The TPP was brought to public eyes, being described as a way for the Unites States to “[write] the rules for global trade–rules that will help increase Made-in-America exports, grow the American economy, support well-paying American jobs, and strengthen the American Middle Class.” (Trans-Pacific Partnership) The TPP is of great importance to the United States, because its member countries comprise “roughly 40% of global GDP and one-third of world trade.” (Granville) Like it did when creating NAFTA, the USA joined the TPP with the hopes of improving foreign relations between the member states as well as increase the national and global economy; something that many see controversial. The TPP was signed in January 2016; since then, however, the USA has been stuck in a debate of whether the TPP should be ratified and implemented or not. Some see the TPP as a crucial strategic move to pivot USA foreign relations toward Asia, while others believe that the TPP has numerous clauses that would not be beneficial for the US economy. Although the TPP has not yet been ratified, and many politicians do not wish to do so, the TPP’s policies will do more good than harm to the United States’ economy, making its ratification in the upcoming months crucial.

The White House joined the TPP, during President Obama’s first term in office, as a key way of balancing China in the Asia Pacific region. In light of the United States’ lack of involvement in Asia during the previous years, Asian countries’ support of China’s economic rise has increased. Because of this, as well as China’s geographic position, joining the Trans-Pacific Partnership as a strategic move by the United States government should be respected. As soon as Obama won the elections, he wished to become actively involved in Trans-Pacific Partnership negotiations, insinuating that this was the best way to reposition the United States as a major superpower in the Asia Pacific region. As stated by Tom Donilon, the Transpacific Partnership “entails strengthening alliances and partnerships, building an economic architecture that can sustain Asia’s growing prosperity, supporting democratic reforms and maintaining productive relations with China” (Donilon). Joining the TPP is not only a way for the United States to reposition itself as a major super power of the world, but will also be a main strategic move to “write the rules that will govern the global economy for the next century” (Donilon). This shows that it is of great importance for the United States to recognize and ratify the TPP to strengthen not only the US economy, but also US foreign relations with Asia.

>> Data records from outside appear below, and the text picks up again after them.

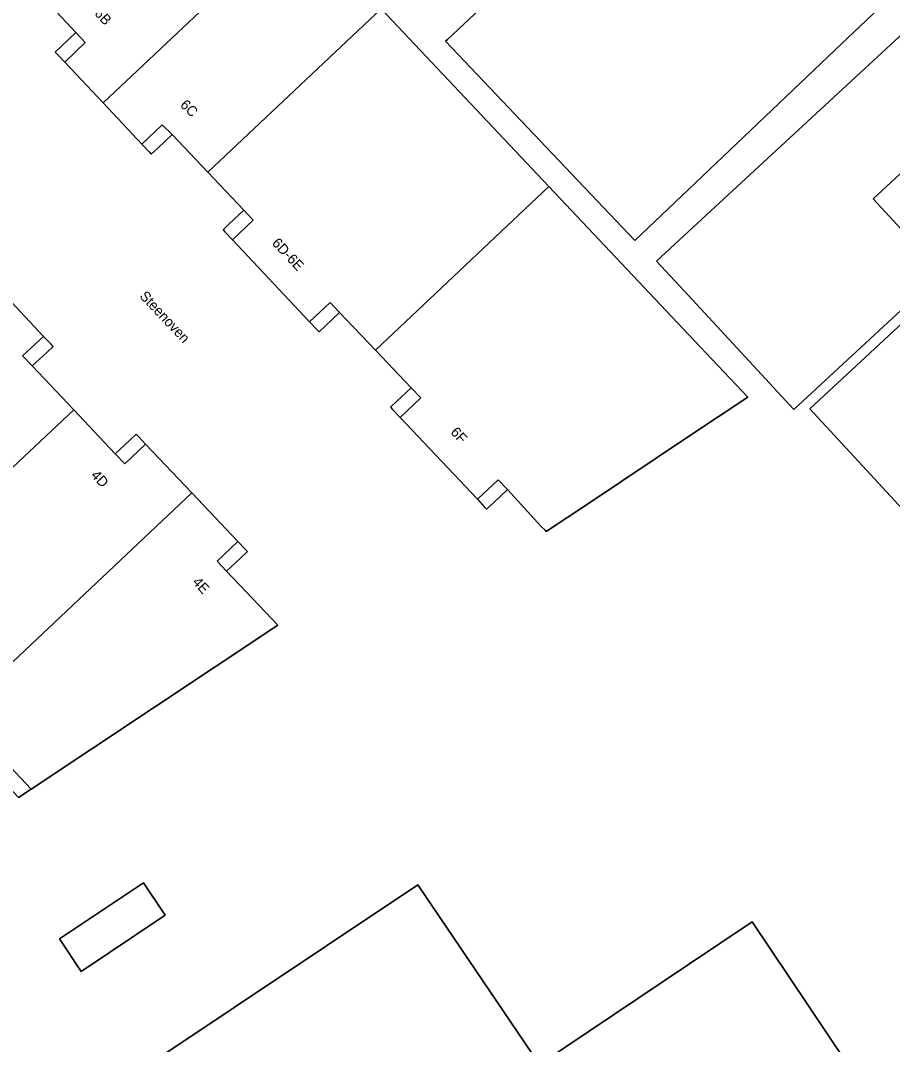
# Model space of a CAD drawing. Extents: x 156702 to 158052, y 387630 to 388992.
# Drawn here: x 157434.2 to 157520.1, y 388025.2 to 388126 of the extents above; entities that cross this region are included whole.
import ezdxf

# ---------------------------------------------------------------- set-up
doc = ezdxf.new("R2010")
doc.units = 0
for name, color, linetype in [('IMGEO_Erf', 7, 'Continuous'), ('IMGEO_Openbare_ruimte_label', 7, 'Continuous'), ('IMGEO_Pand', 7, 'Continuous'), ('IMGEO_Pand_nummerreeks', 7, 'Continuous'), ('IMGEO_Pand_overbouw', 7, 'Continuous')]:
    doc.layers.add(name, color=color, linetype=linetype)

msp = doc.modelspace()

# ---------------------------------------------------------------- linework, layer by layer
at = {"layer": 'IMGEO_Erf'}
for points in [[(157469.73, 388127.18), (157486.25, 388109.68), (157500, 388095.1), (157505.83, 388088.92), (157500, 388085.03), (157490.15, 388078.46), (157485.99, 388075.68), (157485.87, 388075.81), (157485.46, 388076.23), (157482.18, 388079.82), (157481.25, 388080.79), (157479.21, 388078.86), (157471.6, 388086.93), (157473.65, 388088.85), (157472.7, 388089.85), (157469.16, 388093.55), (157465.64, 388097.25), (157464.7, 388098.23), (157462.69, 388096.34), (157455.09, 388104.41), (157457.12, 388106.34), (157456.2, 388107.33), (157452.66, 388111.09), (157449.17, 388114.79), (157448.18, 388115.75), (157446.17, 388113.85), (157442.35, 388117.91), (157438.57, 388121.92), (157440.6, 388123.86), (157439.68, 388124.84), (157436.37, 388128.38)], [(157518.7, 388127.15), (157515.08, 388123.71), (157500, 388109.38), (157494.71, 388104.35), (157476.08, 388123.97), (157476.28, 388124.15), (157481.05, 388128.67)], [(157431.94, 388099.71), (157436.49, 388094.9), (157434.42, 388092.98), (157435.37, 388092), (157439.46, 388087.68), (157443.55, 388083.34), (157444.49, 388082.34), (157446.53, 388084.28), (157451.08, 388079.49), (157455.62, 388074.7), (157453.58, 388072.77), (157454.5, 388071.78), (157458.36, 388067.75), (157459.56, 388066.48), (157435.27, 388050.31), (157434.01, 388049.48)], [(157443.82, 388017.48), (157442.32, 388019.71), (157442.11, 388020.01), (157446.27, 388022.79), (157473.35, 388040.88), (157485.34, 388023.18), (157500, 388033.03), (157506.27, 388037.24), (157530.4, 388001.25), (157528.53, 388000), (157513.82, 387990.16), (157531.52, 387963.86), (157500, 387942.64), (157495.94, 387939.91), (157495.74, 387940.21), (157494.3, 387942.39)]]:
    msp.add_lwpolyline(points, dxfattribs=at)
for points in [[(157510.36, 388087.71), (157500, 388098.92), (157496.86, 388102.33), (157500, 388105.24), (157525.96, 388129.28), (157532.76, 388121.95), (157518.18, 388108.45), (157524.91, 388101.18)], [(157539.77, 388057.62), (157511.93, 388087.78), (157540.26, 388114.06), (157550.38, 388123.44), (157553.17, 388120.43), (157552.25, 388119.58), (157557.15, 388114.3), (157551.61, 388109.17), (157552.23, 388108.51), (157552.46, 388108.25), (157571.82, 388087.36), (157568.16, 388083.96)], [(157438.05, 388035.56), (157446.33, 388041.09), (157448.46, 388037.9), (157440.18, 388032.36)]]:
    msp.add_lwpolyline(points, close=True, dxfattribs=at)
at = {"layer": 'IMGEO_Pand'}
for points in [[(157442.35, 388117.91), (157461.47, 388135.94), (157454.32, 388143.51), (157451.12, 388146.9), (157450.97, 388147.06), (157436.06, 388128.58), (157436.37, 388128.38), (157439.68, 388124.84), (157440.6, 388123.86), (157438.57, 388121.92)], [(157480.9, 388128.82), (157481.05, 388128.67), (157476.28, 388124.15), (157476.08, 388123.97), (157494.71, 388104.35), (157500, 388109.38), (157515.08, 388123.71), (157518.7, 388127.15), (157500.11, 388146.76), (157500, 388146.65), (157490.68, 388137.81), (157490.6, 388137.9)], [(157452.66, 388111.09), (157469.73, 388127.18), (157461.47, 388135.94), (157442.35, 388117.91), (157446.17, 388113.85), (157448.18, 388115.75), (157449.17, 388114.79)], [(157510.36, 388087.71), (157524.91, 388101.18), (157518.18, 388108.45), (157532.76, 388121.95), (157525.96, 388129.28), (157500, 388105.24), (157496.86, 388102.33), (157500, 388098.92)], [(157452.66, 388111.09), (157456.2, 388107.33), (157457.12, 388106.34), (157455.09, 388104.41), (157462.69, 388096.34), (157464.7, 388098.23), (157465.64, 388097.25), (157469.16, 388093.55), (157486.25, 388109.68), (157469.73, 388127.18)], [(157552.46, 388108.25), (157552.23, 388108.51), (157551.61, 388109.17), (157557.15, 388114.3), (157552.25, 388119.58), (157553.17, 388120.43), (157550.38, 388123.44), (157540.26, 388114.06), (157511.93, 388087.78), (157539.77, 388057.62), (157568.16, 388083.96), (157571.82, 388087.36)], [(157469.16, 388093.55), (157472.7, 388089.85), (157473.65, 388088.85), (157471.6, 388086.93), (157479.21, 388078.86), (157481.25, 388080.79), (157482.18, 388079.82), (157485.46, 388076.23), (157485.87, 388075.81), (157485.99, 388075.68), (157490.15, 388078.46), (157500, 388085.03), (157505.83, 388088.92), (157500, 388095.1), (157486.25, 388109.68)], [(157439.46, 388087.68), (157435.37, 388092), (157434.42, 388092.98), (157436.49, 388094.9), (157431.94, 388099.71), (157409, 388078.12), (157407.9, 388077.09), (157417.44, 388067)], [(157439.46, 388087.68), (157417.44, 388067), (157427.05, 388056.84), (157434.01, 388049.48), (157435.27, 388050.31), (157428.15, 388057.87), (157451.08, 388079.49), (157446.53, 388084.28), (157444.49, 388082.34), (157443.55, 388083.34)], [(157435.27, 388050.31), (157459.56, 388066.48), (157458.36, 388067.75), (157454.5, 388071.78), (157453.58, 388072.77), (157455.62, 388074.7), (157451.08, 388079.49), (157428.15, 388057.87)], [(157438.05, 388035.56), (157440.18, 388032.36), (157448.46, 388037.9), (157446.33, 388041.09)]]:
    msp.add_lwpolyline(points, close=True, dxfattribs=at)
msp.add_lwpolyline([(157494.3, 387942.39), (157495.74, 387940.21), (157495.94, 387939.91), (157500, 387942.64), (157531.52, 387963.86), (157513.82, 387990.16), (157528.53, 388000), (157530.4, 388001.25), (157506.27, 388037.24), (157500, 388033.03), (157485.34, 388023.18), (157473.35, 388040.88), (157446.27, 388022.79), (157442.11, 388020.01), (157442.32, 388019.71), (157443.82, 388017.48)], dxfattribs=at)
at = {"layer": 'IMGEO_Pand_overbouw'}
for points in [[(157439.68, 388124.84), (157438.26, 388123.49), (157437.63, 388122.9), (157437.85, 388122.66), (157438.57, 388121.92), (157440.6, 388123.86)], [(157446.17, 388113.85), (157446.88, 388113.09), (157447.1, 388112.85), (157447.73, 388113.43), (157449.17, 388114.79), (157448.18, 388115.75)], [(157456.2, 388107.33), (157454.78, 388105.98), (157454.16, 388105.39), (157454.37, 388105.16), (157455.09, 388104.41), (157457.12, 388106.34)], [(157462.69, 388096.34), (157463.4, 388095.58), (157463.62, 388095.35), (157464.24, 388095.96), (157465.64, 388097.25), (157464.7, 388098.23)], [(157435.37, 388092), (157436.8, 388093.32), (157437.43, 388093.92), (157437.21, 388094.16), (157436.49, 388094.9), (157434.42, 388092.98)], [(157471.6, 388086.93), (157473.65, 388088.85), (157472.7, 388089.85), (157471.29, 388088.53), (157470.64, 388087.92), (157470.85, 388087.69)], [(157446.53, 388084.28), (157445.83, 388085.04), (157445.61, 388085.27), (157444.97, 388084.67), (157443.55, 388083.34), (157444.49, 388082.34)], [(157479.21, 388078.86), (157479.9, 388078.1), (157480.12, 388077.88), (157480.75, 388078.49), (157482.18, 388079.82), (157481.25, 388080.79)], [(157454.5, 388071.78), (157455.93, 388073.11), (157456.56, 388073.72), (157456.34, 388073.95), (157455.62, 388074.7), (157453.58, 388072.77)]]:
    msp.add_lwpolyline(points, close=True, dxfattribs=at)

# ---------------------------------------------------------------- texts
at = {"layer": 'IMGEO_Openbare_ruimte_label'}
msp.add_text('Steenoven', height=1, rotation=313.338, dxfattribs=at).set_placement((157445.88, 388098.81))
at = {"layer": 'IMGEO_Pand_nummerreeks'}
for s, rotation, p in [('6B', 313.0999, (157441.43, 388126.66)), ('6C', 315.9382, (157449.87, 388117.62)), ('6D-6E', 313.2893, (157458.91, 388104.03)), ('6F', 313.3185, (157476.5, 388085.41)), ('4D', 313.3483, (157441.09, 388081.17)), ('4E', 312.8389, (157451.08, 388070.65))]:
    msp.add_text(s, height=1, rotation=rotation, dxfattribs=at).set_placement(p)

doc.saveas('drawing.dxf')

Writing the rules of economic integrity in the Asia Pacific region is crucial when talking about to the United States’ prosperity in the future. One problematic aspect of the TPP is that it is often seen as a parallel to NAFTA, a trade agreement between USA, Mexico and Canada signed in 1994. NAFTA was projected to be extremely successful and proved itself right when it was first ratified. However, as a report of NAFTA from Public Citizen states, “millions have suffered job loss, wage stagnation, and economic instability from NAFTA” (McBride). These were the negative impacts that NAFTA had in US during the long-run. Since so many Americans believe that the TPP is of the same nature as NAFTA, and a multitude of Americans believe that the results of the TPP will be the same as those of NAFTA, many fear to support the agreement. However, a report stated that ratifying the TPP would “increase real incomes by $131 billion annually, or 0.5 percent of gross domestic product, which is the measure of the country’s total economic output. Exports would increase $357 billion, or 9.1 percent above previous projections by 2030” (Calmes). Seeing as this study along with others project the TPP to have an outstanding impact in the US economy, it is evident that ratifying the TPP and implementing its policies in the months to come should be a main priority of the United States Senate.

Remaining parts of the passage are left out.